Electricity from wind power costs $71 per hour. Bader - director of the Canadian Taxpayers Federation – 6/19/2008(Maureen, “Wind power an expensive proposition,” Red Deer Advocate, http://www.albertalocalnews.com/reddeeradvocate/opinion/Wind_power_an_expensive_proposition.html )

The cost of electricity from wind power is about $71 per megawatt hour. That compares with about $48 for natural gas and $25 for electricity produced from B.C.’s heritage hydro assets. B.C. Hydro is expected to purchase high-cost electricity from wind plants. Denmark’s electricity utilities were also forced to buy high-cost power giving Denmark one of the highest household electricity costs Europe, at almost 30 cents per kilowatt hour in 2005. B.C. residents now pay about 6.5 cents per kilowatt hour now. Families could be looking at hefty increases to subsidize these feel-good projects. Some very big companies back wind power, so why should B.C. taxpayers be on the hook to subsidize them?

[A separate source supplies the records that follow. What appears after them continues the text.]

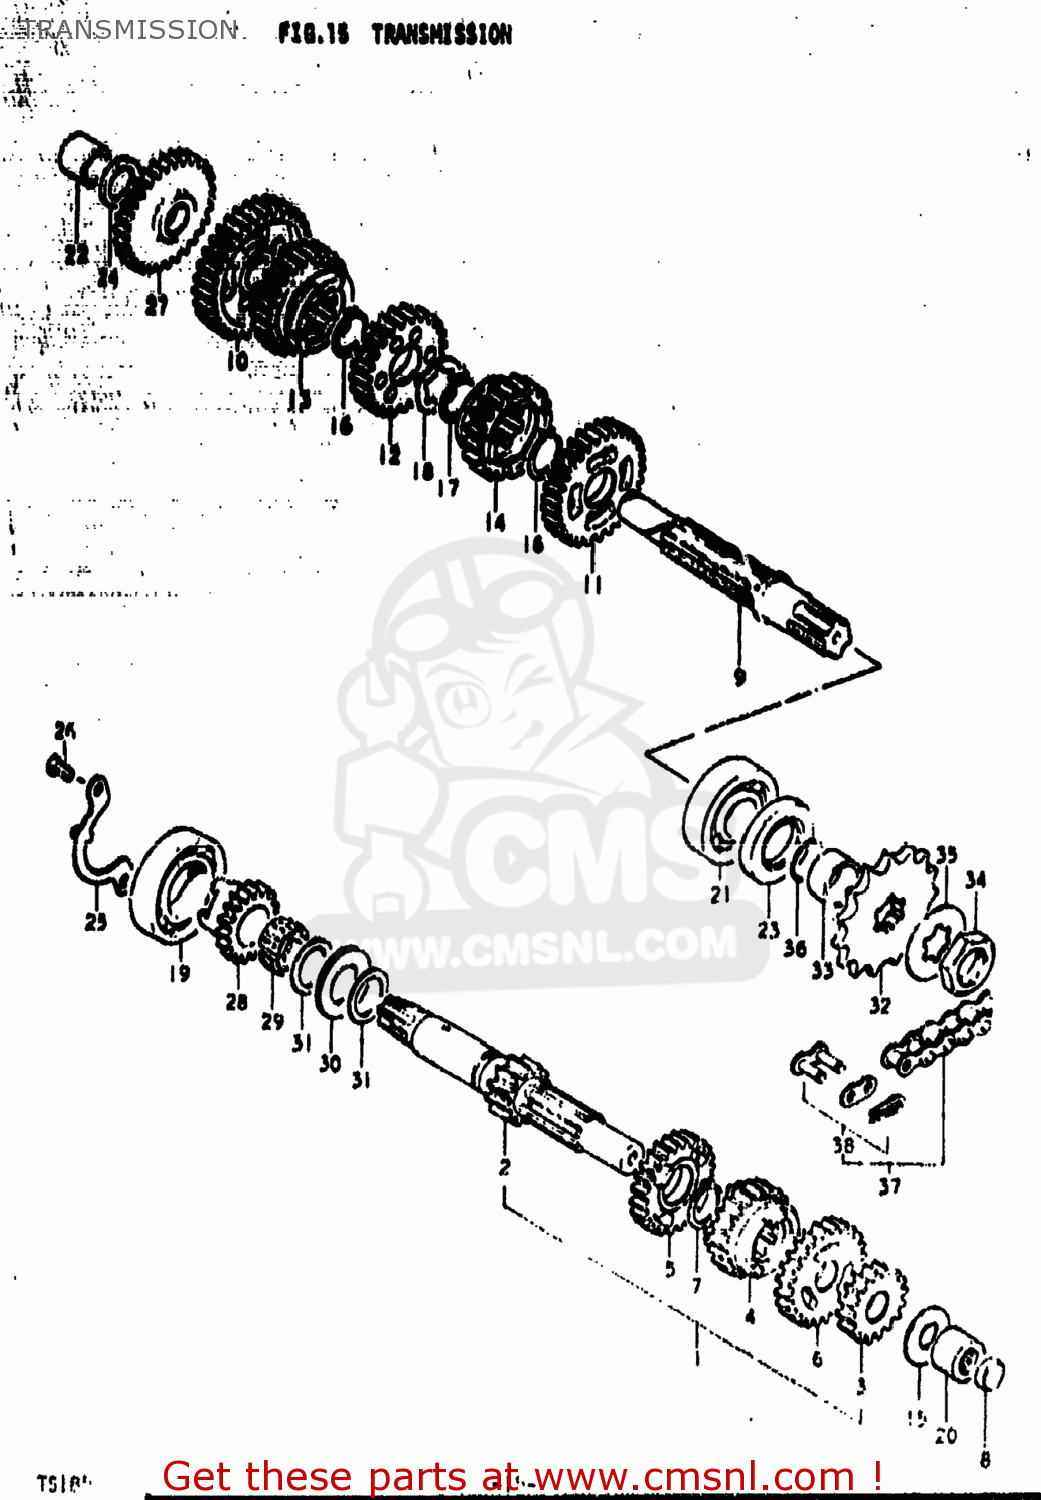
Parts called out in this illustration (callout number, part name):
1	SHAFT,COUNTER
2	SHAFT,COUNTER
3	GEAR,2ND DRIVE
4	GEAR,THIRD DRIVE
5	GEAR,FOURTH DRIVE
6	GEAR,FIFTH DRIVE
7	CIRCLIP
8	PLUG
9	SHAFT,DRIVE
10	GEAR,1ST DRIVEN
11	GEAR,SECOND DRIVEN
12	GEAR,THIRD DRIVEN
13	GEAR,FOURTH DRIVEN
14	GEAR,FIFTH DRIVEN
15	WASHER
16	CIRCLIP
17	CIRCLIP
18	WASHER
19	BEARING, RH
20	BEARING(15X22X15)
21	BEARING
22	BUSH
23	OIL SEAL (25X44X7)
24	WASHER
25	RETAINER,CNTR SHAFT BEARING
26	SCREW
27	GEAR,KICK STARTER IDLE
28	GEAR,KICK STARTER DRIVE
29	BEARING(19.2X23.2X19)
30	BEARING 21X35X2.8
31	WASHER(21X30X0.8)
32	SPROCKET,ENGINE
33	SPACER(20X25X12.5)
34	NUT
35	WASHER,LOCK
36	O RING(D:1,ID:19.5)
37	CHAIN ASSEMBLY,DRIVE
38	JOINT ASSEMBLY,CHAIN
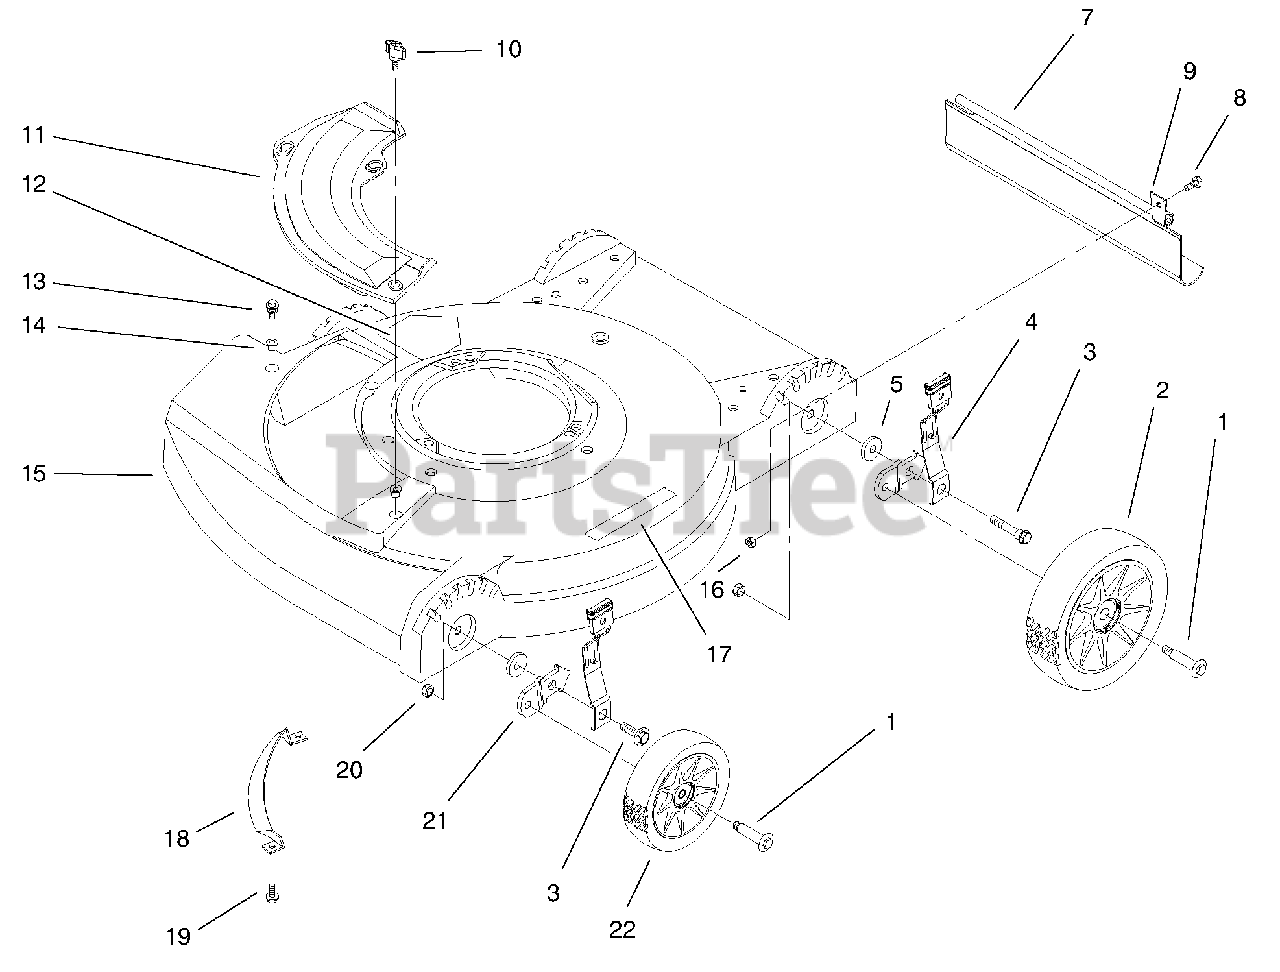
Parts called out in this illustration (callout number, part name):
2	8" Whel/Tire ASM
4	Knob&spring Formc
7	Shield-Trailing
8	Screw-HH
9	Clamp-Shield
11	Plate-Chute Opening
12	Decal-Cut Finger
13	Screw-Sems
14	Grommet-Plastic
15	Hsg-Commercial 21"
16	Nut-Lock Ni
17	Decal-Safety Instruct
18	Toe Bar 21"
19	Screw/Washer
20	Nut-Lock Ni
21	Whl Hgt Brkt
22	6" Whel/Tire ASM

Wind power is very expensive. Harding - Guardian's Moscow correspondent – 2/26/2005 (Luke, “Report doubts future of wind power,” The Guardian, http://www.guardian.co.uk/world/2005/feb/26/sciencenews.renewableenergy ) The German report estimates that it will cost €1.1bn to link Germany's existing wind farms to the national grid if it is to meet its target of producing 20% of its electricity from renewable sources by 2015. About 800 miles of cables will have to be laid or upgraded, and power plants will have to be

replaced or adapted to cope with the large fluctuations in wind-derived energy. This programme will cost each German household €16 a year, it says. "Wind energy is expensive. That's true. You can't dispute it," Stephan Kohler, the head of Germany's energy agency told the Guardian. "Conventional methods are cheaper. But you have to do both."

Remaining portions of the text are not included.